──────── DATA TO PROCESS
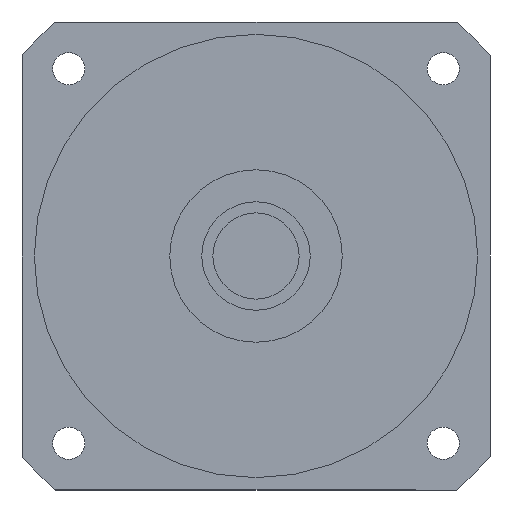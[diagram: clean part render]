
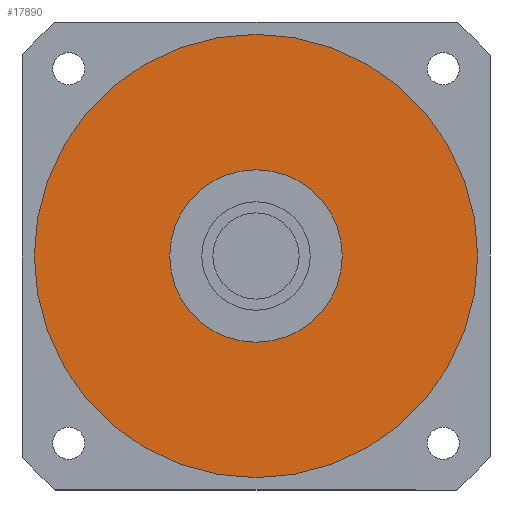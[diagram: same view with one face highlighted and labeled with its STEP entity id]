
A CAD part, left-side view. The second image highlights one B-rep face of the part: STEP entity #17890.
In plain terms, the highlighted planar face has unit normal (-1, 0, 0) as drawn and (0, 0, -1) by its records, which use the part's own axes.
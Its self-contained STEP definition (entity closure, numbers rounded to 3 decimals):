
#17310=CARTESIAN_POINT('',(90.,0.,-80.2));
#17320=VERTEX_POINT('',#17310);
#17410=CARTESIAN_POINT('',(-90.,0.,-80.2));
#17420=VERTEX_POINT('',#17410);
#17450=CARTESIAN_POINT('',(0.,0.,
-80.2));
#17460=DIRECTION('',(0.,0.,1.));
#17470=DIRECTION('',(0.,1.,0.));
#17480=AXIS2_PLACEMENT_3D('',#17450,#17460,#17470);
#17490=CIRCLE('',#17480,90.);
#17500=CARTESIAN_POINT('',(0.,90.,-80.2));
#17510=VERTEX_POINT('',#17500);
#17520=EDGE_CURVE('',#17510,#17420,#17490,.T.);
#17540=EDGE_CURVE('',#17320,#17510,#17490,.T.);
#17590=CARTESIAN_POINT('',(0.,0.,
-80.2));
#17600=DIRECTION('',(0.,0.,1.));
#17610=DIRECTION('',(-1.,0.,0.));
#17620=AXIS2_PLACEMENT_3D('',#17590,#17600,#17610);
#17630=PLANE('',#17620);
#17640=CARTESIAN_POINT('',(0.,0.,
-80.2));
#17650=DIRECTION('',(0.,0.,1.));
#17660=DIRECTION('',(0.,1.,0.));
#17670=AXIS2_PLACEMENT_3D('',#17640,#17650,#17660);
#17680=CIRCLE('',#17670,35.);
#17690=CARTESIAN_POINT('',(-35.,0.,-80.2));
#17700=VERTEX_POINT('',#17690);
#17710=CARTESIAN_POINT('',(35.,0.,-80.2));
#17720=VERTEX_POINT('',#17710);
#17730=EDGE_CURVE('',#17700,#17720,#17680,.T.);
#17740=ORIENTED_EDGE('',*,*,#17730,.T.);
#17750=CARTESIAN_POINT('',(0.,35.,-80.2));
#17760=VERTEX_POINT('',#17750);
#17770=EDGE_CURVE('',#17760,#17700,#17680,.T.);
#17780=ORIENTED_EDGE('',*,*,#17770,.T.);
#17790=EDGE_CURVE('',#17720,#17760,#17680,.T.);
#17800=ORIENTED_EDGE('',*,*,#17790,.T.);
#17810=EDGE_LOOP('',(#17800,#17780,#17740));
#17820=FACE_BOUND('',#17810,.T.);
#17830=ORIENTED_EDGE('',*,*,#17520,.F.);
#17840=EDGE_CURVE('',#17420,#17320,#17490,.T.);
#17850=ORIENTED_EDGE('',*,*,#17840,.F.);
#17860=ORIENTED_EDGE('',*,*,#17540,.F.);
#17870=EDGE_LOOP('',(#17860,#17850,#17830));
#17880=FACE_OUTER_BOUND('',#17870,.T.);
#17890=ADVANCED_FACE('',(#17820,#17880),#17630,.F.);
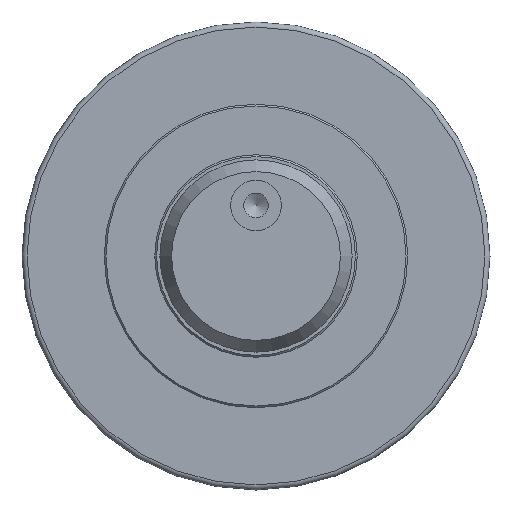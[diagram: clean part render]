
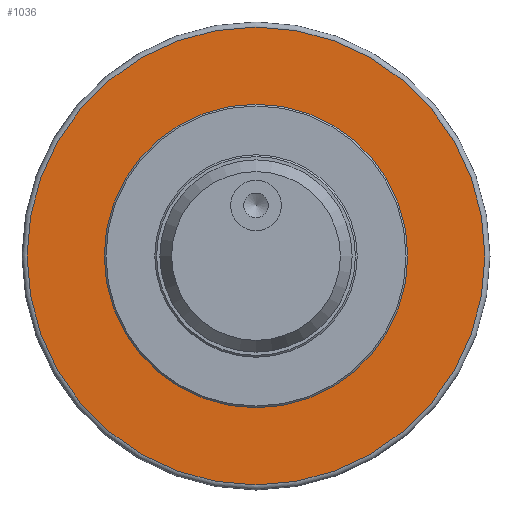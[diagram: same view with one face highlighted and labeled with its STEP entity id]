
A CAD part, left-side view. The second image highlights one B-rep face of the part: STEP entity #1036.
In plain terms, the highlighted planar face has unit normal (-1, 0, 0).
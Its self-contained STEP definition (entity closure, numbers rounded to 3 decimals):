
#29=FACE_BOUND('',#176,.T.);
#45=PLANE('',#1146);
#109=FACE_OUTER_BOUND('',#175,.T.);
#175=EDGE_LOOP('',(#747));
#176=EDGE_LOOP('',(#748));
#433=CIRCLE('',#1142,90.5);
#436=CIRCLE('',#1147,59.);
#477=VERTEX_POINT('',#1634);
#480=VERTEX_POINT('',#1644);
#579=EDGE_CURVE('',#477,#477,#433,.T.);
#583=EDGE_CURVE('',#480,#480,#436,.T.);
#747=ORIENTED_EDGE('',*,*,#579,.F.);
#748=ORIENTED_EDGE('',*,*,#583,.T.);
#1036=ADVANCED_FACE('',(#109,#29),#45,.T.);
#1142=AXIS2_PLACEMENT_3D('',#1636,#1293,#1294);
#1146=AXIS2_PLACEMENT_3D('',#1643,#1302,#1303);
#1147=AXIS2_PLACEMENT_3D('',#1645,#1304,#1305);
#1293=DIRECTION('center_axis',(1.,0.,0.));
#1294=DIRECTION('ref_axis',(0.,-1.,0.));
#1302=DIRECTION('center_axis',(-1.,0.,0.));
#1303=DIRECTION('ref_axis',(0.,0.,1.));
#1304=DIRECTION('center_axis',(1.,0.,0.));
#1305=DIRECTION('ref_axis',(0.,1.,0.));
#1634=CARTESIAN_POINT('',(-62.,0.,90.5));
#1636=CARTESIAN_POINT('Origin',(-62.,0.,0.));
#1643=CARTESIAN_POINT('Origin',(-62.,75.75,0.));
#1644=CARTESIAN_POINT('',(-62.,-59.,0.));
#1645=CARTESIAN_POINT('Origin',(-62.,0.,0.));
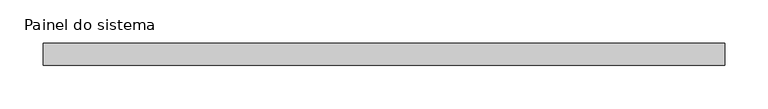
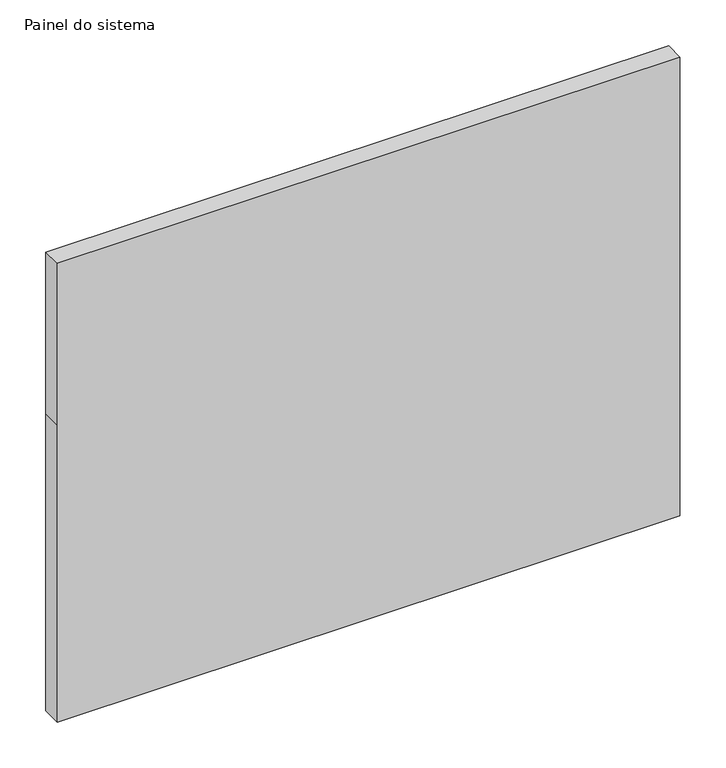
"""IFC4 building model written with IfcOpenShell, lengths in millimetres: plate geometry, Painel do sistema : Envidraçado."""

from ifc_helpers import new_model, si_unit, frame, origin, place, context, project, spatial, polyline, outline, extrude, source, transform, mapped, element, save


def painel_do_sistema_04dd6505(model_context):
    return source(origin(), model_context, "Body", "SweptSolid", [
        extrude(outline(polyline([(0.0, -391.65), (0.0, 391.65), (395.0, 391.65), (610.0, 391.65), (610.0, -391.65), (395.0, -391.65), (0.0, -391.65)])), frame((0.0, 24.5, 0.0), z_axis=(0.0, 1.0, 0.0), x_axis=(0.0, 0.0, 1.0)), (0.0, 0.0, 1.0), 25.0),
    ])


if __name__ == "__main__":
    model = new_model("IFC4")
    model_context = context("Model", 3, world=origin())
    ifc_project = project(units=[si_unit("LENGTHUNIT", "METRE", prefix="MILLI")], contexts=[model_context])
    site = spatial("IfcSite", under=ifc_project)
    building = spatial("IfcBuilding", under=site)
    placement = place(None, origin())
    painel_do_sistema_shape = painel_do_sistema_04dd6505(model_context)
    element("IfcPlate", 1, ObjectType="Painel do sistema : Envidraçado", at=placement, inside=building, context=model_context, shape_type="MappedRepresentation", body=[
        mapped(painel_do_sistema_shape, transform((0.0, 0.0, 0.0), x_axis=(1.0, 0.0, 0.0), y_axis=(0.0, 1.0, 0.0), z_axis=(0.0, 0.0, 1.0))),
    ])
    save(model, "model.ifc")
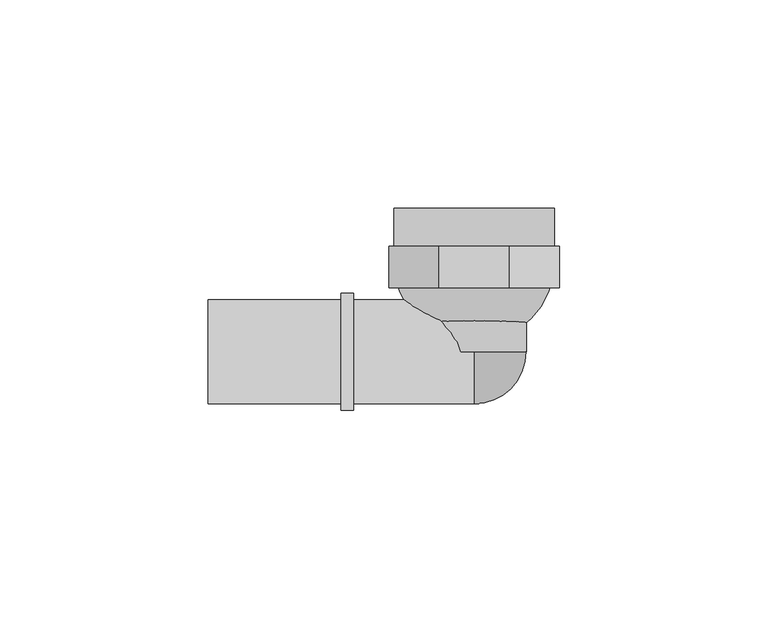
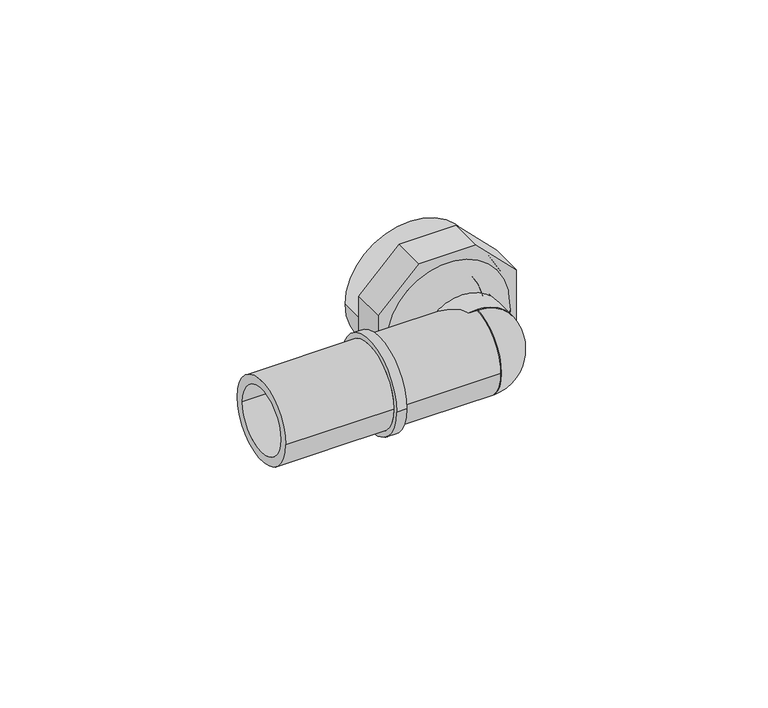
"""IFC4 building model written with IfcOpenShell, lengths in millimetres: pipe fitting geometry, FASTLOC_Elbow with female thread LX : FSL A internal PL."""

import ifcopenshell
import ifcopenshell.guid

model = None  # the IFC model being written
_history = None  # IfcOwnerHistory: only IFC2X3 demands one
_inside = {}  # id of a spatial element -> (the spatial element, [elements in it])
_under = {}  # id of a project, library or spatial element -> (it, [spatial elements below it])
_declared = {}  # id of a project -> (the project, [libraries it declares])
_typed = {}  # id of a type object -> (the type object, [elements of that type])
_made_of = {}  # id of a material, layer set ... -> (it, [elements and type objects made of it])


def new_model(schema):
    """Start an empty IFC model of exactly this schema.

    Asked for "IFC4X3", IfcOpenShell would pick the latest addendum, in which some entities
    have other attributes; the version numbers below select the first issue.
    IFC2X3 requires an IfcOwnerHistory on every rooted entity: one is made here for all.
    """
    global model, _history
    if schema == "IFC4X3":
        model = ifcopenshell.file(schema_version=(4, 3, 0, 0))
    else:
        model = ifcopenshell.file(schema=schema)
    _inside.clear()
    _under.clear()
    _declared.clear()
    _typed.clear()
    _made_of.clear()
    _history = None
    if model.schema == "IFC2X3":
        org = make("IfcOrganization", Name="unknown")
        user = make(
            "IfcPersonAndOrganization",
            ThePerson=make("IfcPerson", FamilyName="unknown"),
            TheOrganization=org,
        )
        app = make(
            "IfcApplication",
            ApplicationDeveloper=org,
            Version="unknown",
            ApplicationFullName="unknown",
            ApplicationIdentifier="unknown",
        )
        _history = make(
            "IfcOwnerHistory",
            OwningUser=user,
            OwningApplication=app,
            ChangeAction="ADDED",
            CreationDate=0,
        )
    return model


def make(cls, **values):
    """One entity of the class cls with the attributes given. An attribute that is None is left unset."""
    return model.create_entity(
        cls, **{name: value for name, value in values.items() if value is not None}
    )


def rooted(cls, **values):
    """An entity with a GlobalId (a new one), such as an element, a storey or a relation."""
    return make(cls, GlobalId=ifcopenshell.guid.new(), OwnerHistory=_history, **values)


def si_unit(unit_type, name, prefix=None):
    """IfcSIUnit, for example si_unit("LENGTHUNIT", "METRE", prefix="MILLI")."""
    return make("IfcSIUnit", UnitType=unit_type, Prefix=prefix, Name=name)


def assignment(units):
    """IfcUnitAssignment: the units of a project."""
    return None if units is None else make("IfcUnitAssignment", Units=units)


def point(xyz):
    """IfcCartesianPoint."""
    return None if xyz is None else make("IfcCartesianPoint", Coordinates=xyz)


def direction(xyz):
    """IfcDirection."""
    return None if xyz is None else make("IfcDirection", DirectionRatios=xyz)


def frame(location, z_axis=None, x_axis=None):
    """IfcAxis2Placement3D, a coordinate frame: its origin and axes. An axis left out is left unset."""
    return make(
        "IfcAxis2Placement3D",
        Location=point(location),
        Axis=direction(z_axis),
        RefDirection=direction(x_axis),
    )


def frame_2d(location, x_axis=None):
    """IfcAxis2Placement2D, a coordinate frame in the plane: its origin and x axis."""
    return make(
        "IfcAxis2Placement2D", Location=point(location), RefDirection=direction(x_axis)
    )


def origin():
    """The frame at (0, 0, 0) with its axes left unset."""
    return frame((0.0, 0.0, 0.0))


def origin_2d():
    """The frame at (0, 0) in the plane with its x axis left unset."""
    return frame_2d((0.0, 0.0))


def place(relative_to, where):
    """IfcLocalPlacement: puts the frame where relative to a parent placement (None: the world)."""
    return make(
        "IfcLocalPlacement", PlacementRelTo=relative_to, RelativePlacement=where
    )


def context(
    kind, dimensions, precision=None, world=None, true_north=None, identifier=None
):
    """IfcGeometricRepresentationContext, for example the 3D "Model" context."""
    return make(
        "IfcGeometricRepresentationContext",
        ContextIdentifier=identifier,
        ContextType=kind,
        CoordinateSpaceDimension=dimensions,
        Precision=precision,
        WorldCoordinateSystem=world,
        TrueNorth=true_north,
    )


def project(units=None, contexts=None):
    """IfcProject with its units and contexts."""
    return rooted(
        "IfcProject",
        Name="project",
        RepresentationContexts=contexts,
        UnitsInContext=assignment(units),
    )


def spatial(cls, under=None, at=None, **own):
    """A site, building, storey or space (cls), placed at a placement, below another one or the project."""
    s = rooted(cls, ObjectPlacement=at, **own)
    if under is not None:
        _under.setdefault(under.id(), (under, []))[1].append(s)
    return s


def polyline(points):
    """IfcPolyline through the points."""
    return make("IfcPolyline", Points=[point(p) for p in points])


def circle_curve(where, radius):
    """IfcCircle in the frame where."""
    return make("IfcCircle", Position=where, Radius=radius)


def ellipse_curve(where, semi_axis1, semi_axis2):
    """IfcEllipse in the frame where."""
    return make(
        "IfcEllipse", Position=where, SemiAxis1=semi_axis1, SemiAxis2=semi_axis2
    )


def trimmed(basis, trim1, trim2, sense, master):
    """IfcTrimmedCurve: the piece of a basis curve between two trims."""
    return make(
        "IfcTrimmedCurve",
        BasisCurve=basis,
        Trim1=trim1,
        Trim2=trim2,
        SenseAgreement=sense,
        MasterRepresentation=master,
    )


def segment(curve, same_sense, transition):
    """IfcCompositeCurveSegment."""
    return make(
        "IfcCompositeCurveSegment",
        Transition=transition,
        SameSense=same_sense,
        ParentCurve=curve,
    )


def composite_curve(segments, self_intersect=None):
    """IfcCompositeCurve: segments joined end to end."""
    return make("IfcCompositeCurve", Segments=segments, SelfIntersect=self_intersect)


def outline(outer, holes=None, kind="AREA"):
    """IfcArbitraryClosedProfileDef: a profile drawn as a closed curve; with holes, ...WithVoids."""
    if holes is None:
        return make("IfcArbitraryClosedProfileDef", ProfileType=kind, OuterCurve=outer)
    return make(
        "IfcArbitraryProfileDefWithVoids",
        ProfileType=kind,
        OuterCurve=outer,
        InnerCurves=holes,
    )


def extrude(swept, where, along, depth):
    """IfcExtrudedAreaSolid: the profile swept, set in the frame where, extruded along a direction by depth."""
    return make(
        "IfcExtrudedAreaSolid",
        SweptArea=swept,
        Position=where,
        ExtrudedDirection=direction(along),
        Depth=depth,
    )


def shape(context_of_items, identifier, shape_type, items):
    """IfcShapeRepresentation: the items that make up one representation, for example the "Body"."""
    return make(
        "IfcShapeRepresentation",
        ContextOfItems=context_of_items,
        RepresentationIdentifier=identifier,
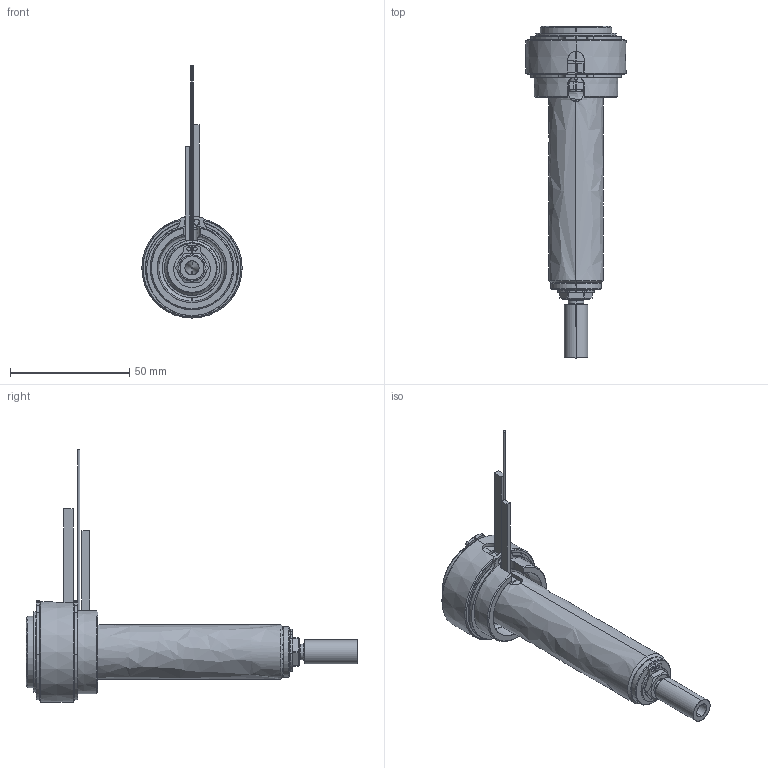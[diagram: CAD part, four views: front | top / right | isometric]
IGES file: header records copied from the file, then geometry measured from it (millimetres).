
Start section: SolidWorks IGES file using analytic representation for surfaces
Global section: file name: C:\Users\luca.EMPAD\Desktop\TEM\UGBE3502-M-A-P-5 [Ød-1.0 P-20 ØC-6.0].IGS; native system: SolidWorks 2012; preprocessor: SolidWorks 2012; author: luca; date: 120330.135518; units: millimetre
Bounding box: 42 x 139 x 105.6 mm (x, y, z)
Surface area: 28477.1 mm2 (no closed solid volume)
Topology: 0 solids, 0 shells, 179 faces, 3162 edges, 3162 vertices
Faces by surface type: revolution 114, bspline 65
────────────────
WORK REQUEST
In the entries above, count each line that includes "source" and report the total with no other text.

OUTPUT BELOW
2